**Exercise requirements**
Among the entries below, find each line with "spatial" and show it.

**Record set**

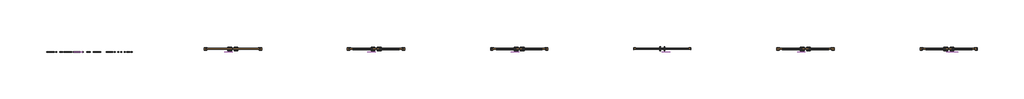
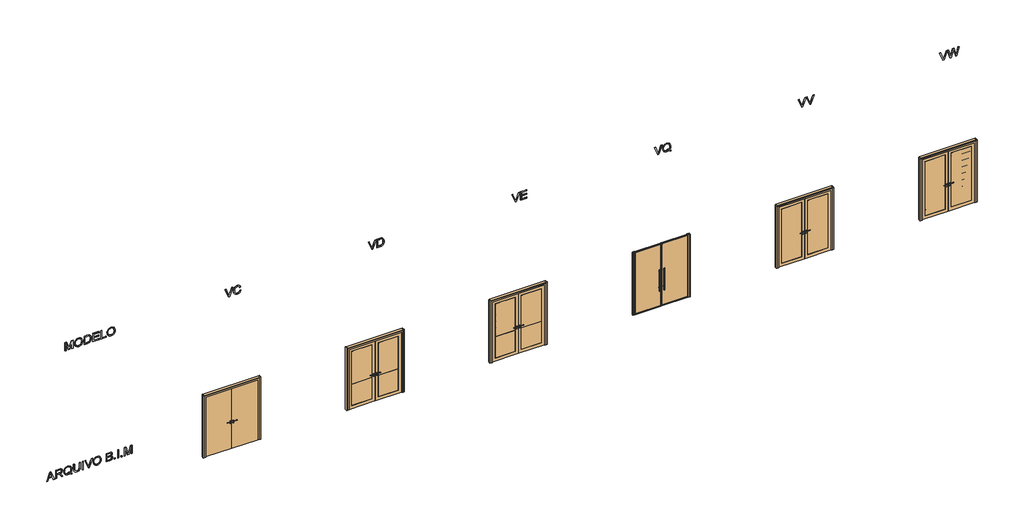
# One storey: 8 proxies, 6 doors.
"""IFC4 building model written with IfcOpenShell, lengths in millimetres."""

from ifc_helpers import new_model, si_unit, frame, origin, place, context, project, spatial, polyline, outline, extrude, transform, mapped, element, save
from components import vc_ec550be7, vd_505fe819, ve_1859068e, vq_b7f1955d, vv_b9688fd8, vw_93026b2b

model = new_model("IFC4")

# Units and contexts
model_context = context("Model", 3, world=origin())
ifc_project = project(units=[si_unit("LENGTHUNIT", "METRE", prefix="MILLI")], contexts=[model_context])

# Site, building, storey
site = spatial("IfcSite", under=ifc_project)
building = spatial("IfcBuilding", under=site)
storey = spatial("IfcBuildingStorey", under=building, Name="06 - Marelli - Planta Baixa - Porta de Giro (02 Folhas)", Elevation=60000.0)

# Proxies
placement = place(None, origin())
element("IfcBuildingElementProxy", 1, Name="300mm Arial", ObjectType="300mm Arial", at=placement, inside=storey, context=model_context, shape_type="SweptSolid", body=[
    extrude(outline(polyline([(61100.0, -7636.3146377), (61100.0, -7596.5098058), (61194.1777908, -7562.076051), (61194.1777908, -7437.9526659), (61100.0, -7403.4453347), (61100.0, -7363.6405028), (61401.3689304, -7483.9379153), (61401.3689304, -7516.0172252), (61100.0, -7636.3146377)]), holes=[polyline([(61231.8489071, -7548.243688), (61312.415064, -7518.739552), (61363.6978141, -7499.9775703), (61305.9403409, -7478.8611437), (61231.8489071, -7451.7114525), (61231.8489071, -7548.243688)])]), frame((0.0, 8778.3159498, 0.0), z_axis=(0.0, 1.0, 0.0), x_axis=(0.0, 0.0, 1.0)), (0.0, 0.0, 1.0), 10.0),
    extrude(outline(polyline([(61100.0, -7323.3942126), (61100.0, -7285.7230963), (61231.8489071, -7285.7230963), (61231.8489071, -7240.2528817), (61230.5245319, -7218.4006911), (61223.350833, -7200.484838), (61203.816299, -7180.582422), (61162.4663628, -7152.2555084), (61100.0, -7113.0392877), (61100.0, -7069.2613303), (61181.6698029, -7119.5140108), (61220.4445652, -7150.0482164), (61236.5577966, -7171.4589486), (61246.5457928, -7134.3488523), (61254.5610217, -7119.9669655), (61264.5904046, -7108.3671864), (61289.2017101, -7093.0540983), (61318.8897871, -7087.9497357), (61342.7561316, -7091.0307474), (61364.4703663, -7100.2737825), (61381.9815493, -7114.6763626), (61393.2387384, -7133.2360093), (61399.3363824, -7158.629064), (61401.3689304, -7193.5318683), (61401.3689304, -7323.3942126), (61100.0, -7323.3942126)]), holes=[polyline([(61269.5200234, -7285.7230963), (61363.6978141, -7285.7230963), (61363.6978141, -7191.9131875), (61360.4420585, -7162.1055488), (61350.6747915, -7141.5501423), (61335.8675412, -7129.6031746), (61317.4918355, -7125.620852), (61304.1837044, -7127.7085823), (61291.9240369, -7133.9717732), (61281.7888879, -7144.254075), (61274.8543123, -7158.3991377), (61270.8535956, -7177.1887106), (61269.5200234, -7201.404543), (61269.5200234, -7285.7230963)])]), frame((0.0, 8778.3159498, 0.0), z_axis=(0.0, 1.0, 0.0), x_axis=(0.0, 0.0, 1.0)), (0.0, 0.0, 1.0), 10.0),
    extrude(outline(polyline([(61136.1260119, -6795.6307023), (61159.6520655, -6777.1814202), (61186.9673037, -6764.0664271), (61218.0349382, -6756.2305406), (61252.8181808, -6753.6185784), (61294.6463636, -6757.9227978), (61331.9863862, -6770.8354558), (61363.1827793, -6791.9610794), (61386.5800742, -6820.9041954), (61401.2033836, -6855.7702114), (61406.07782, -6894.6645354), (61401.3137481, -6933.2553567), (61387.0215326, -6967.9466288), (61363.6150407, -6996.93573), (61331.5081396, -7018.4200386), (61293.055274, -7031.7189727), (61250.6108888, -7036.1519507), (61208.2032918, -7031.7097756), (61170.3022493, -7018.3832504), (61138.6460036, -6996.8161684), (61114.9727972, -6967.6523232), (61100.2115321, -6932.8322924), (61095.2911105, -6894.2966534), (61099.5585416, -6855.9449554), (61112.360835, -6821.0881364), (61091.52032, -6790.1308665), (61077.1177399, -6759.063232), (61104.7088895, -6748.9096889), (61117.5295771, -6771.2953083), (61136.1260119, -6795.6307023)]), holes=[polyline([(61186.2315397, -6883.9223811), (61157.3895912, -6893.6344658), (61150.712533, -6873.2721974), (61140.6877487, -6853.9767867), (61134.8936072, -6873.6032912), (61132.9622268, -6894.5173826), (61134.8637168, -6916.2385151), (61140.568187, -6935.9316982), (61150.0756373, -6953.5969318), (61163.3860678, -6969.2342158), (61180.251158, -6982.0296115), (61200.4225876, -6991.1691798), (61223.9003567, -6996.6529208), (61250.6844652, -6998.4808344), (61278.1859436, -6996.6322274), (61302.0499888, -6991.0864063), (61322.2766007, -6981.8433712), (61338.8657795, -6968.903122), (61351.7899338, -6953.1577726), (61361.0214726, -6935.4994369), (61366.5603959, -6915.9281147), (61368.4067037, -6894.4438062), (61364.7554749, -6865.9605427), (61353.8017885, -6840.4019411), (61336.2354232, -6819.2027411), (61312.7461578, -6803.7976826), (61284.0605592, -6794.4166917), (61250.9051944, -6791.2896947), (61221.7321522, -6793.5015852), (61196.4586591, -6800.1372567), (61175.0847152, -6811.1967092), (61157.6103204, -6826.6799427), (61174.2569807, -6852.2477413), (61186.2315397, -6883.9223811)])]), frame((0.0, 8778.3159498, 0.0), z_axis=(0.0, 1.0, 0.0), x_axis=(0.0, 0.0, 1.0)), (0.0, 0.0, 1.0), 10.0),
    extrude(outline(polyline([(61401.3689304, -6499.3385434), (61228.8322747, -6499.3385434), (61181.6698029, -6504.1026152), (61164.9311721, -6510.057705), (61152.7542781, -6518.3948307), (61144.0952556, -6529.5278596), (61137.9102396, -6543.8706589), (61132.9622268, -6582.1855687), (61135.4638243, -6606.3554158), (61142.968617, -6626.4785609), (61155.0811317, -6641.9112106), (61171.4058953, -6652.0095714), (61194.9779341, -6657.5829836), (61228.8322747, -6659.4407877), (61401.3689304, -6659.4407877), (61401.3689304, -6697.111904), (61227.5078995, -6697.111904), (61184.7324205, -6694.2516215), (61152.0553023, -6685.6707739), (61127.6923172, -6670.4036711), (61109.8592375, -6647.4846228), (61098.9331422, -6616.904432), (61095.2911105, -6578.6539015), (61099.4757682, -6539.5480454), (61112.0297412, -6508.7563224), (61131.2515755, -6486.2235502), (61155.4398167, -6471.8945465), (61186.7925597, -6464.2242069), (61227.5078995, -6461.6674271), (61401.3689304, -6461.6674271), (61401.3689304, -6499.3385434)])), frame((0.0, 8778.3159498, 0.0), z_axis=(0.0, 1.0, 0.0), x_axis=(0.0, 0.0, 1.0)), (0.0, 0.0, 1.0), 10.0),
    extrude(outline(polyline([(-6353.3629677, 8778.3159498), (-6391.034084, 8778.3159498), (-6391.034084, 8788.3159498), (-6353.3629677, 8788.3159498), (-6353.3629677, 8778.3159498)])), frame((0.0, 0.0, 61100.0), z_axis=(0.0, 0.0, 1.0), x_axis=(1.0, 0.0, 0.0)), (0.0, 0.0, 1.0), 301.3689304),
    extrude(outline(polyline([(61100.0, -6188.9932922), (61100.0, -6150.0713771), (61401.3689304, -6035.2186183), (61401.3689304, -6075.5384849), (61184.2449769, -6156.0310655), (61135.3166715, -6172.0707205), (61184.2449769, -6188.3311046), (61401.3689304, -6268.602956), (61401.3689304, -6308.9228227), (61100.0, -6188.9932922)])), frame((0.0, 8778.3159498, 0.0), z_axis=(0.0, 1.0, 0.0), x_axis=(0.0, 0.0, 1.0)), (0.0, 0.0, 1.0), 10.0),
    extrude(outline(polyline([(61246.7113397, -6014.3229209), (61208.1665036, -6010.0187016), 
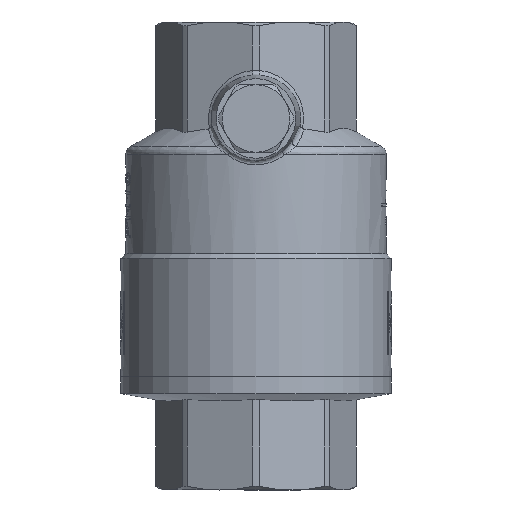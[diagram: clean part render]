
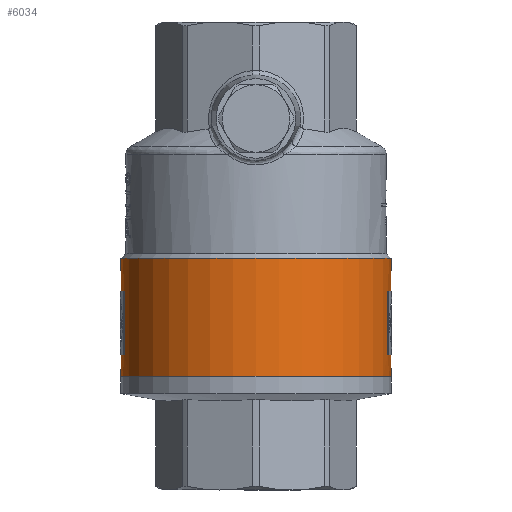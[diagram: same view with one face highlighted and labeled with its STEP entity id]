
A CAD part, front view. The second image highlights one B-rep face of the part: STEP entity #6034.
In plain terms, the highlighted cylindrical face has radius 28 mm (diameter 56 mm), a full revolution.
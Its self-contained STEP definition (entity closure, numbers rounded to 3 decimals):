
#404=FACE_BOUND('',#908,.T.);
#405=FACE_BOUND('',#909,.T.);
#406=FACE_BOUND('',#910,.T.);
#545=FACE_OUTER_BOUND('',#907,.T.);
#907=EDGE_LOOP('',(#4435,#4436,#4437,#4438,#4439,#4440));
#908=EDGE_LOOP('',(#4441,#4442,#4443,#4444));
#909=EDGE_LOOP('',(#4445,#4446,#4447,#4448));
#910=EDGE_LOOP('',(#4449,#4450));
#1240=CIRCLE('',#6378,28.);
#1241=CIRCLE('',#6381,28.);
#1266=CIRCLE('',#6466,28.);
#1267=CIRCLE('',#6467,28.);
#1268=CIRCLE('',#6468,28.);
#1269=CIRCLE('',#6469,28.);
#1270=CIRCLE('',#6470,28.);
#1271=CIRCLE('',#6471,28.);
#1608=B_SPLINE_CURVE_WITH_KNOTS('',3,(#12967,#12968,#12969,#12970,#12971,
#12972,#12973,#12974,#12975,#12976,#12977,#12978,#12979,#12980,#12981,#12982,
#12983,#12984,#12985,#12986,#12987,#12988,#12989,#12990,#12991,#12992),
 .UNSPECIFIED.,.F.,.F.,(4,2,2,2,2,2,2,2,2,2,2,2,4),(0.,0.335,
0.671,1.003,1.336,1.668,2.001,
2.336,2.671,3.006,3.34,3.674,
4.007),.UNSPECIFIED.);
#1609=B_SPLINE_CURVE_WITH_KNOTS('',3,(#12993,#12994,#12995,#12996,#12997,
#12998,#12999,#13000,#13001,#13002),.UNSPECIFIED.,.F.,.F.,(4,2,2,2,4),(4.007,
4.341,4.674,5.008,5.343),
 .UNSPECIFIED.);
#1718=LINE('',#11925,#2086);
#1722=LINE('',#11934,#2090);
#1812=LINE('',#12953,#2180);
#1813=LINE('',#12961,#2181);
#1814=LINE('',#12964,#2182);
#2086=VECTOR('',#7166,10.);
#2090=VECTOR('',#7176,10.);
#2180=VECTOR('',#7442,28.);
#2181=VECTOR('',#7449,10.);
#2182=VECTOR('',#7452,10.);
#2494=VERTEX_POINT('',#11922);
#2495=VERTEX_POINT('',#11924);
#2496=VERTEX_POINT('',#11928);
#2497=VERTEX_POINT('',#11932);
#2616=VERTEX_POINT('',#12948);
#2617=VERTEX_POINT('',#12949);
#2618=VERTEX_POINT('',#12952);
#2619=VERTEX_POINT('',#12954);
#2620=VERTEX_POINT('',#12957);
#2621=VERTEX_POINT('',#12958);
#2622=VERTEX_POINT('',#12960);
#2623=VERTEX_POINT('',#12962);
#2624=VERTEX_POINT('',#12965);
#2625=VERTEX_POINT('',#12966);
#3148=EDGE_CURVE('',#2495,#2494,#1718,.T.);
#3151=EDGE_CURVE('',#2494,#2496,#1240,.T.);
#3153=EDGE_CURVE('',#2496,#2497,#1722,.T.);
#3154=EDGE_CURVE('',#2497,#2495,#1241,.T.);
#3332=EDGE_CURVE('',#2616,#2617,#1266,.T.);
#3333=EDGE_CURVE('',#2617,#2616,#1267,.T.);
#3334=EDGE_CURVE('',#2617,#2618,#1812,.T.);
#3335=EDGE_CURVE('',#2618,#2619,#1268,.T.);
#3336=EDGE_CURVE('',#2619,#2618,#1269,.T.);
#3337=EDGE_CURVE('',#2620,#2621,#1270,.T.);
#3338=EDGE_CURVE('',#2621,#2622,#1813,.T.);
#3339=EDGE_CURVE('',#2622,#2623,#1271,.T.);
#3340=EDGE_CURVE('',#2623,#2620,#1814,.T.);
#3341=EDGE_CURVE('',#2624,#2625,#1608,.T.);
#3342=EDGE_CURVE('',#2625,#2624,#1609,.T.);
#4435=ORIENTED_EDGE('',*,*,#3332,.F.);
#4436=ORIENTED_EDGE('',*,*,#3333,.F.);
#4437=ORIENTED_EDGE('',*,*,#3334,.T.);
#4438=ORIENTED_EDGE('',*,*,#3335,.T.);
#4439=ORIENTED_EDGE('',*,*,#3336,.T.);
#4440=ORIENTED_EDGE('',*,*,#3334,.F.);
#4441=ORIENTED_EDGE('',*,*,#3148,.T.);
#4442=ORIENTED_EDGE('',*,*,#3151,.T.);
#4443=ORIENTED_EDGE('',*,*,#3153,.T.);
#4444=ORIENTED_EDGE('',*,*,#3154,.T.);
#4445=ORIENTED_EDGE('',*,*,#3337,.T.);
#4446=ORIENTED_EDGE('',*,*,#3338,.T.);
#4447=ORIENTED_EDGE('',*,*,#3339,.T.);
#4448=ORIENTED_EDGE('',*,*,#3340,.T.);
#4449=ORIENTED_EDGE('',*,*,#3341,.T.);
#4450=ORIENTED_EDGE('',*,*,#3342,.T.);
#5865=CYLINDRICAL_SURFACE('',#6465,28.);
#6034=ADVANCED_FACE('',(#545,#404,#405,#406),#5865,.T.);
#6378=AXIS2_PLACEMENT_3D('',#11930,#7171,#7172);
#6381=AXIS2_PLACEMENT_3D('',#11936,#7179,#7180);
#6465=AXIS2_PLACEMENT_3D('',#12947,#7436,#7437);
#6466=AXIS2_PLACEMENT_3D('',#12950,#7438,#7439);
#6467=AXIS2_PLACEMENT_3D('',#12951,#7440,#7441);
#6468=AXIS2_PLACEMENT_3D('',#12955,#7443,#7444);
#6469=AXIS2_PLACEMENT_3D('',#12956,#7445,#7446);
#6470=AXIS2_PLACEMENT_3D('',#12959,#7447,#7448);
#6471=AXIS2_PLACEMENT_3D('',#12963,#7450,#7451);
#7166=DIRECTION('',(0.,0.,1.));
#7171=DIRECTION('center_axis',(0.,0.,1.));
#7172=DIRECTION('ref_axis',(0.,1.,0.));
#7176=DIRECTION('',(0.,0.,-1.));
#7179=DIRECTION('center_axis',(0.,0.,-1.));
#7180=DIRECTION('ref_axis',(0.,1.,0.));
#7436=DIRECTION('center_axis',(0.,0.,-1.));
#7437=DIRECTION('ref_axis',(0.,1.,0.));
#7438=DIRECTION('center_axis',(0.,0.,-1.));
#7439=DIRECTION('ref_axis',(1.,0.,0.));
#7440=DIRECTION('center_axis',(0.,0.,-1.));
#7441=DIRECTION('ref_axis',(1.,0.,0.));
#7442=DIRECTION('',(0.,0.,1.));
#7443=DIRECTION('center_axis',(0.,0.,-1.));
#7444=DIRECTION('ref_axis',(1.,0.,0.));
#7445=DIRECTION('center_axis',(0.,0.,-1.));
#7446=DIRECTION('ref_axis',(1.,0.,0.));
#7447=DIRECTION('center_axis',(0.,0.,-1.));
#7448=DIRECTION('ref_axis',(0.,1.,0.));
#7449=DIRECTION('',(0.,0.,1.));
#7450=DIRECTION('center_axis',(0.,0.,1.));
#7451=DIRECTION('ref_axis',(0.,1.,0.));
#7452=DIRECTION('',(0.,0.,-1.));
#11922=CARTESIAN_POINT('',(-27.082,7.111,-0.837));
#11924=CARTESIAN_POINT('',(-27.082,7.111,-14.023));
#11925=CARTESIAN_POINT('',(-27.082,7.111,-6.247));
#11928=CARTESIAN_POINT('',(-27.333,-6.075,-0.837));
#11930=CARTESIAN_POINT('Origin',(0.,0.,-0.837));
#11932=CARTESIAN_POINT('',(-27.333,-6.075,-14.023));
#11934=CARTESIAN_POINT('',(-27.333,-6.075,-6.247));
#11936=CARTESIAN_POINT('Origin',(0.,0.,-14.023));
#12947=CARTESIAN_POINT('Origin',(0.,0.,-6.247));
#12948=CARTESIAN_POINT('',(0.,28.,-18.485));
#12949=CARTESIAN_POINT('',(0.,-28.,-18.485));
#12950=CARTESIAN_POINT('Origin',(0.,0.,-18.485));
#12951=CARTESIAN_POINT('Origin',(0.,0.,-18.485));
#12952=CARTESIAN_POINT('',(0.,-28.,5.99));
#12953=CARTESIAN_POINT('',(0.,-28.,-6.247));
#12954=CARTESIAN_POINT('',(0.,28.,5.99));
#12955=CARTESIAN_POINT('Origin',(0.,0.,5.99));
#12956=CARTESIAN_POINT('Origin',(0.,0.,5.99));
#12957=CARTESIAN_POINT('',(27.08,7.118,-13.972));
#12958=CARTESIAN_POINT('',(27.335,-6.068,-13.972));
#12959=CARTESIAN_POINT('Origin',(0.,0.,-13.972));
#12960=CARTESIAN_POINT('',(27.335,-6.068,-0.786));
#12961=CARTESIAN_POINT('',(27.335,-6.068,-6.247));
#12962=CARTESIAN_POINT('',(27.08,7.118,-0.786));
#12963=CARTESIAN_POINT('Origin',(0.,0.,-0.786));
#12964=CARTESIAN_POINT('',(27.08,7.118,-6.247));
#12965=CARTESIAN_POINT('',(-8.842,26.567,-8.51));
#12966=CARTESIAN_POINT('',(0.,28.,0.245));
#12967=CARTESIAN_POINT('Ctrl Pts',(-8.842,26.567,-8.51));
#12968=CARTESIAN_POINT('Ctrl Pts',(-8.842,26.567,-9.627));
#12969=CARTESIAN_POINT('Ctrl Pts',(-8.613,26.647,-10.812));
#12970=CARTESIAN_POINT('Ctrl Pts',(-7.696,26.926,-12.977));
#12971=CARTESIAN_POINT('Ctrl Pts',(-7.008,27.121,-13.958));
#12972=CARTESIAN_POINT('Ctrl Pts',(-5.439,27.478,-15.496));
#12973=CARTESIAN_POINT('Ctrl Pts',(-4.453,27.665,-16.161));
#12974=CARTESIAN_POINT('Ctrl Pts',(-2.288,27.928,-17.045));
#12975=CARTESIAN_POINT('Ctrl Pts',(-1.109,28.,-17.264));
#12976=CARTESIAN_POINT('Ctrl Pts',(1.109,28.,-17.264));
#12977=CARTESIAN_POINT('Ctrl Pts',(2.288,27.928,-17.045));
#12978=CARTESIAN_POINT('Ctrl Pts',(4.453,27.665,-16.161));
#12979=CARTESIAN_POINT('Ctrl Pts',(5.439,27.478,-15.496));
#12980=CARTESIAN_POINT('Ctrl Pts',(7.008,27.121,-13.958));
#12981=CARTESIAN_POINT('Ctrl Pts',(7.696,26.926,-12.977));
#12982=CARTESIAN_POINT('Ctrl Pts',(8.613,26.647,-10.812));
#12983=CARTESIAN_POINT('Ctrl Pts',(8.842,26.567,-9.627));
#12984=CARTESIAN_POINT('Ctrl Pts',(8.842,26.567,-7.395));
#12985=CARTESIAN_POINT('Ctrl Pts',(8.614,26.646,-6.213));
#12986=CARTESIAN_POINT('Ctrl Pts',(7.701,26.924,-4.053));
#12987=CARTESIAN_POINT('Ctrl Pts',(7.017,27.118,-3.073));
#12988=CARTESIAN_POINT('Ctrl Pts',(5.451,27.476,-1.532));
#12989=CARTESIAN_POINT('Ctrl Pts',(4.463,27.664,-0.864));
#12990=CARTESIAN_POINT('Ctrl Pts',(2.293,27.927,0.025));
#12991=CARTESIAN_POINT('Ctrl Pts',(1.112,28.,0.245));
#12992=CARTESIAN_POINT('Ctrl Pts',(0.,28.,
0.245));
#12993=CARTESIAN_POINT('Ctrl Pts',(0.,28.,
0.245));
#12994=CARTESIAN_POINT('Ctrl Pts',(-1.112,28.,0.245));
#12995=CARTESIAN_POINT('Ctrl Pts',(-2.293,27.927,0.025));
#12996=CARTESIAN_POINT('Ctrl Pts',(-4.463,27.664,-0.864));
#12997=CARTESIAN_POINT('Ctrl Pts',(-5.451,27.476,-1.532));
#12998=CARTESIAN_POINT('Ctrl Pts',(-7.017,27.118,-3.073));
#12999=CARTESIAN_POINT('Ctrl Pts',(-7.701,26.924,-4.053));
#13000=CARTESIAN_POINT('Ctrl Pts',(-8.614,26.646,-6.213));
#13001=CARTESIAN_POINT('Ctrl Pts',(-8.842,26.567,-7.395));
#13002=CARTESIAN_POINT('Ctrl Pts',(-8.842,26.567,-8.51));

**Your solution**
from ifc_helpers import new_model, si_unit, frame, origin, place, context, project, spatial, polyline, outline, extrude, transform, mapped, element, save
site = spatial("IfcSite", under=ifc_project)
building = spatial("IfcBuilding", under=site)
storey = spatial("IfcBuildingStorey", under=building, Name="06 - Marelli - Planta Baixa - Porta de Giro (02 Folhas)", Elevation=60000.0)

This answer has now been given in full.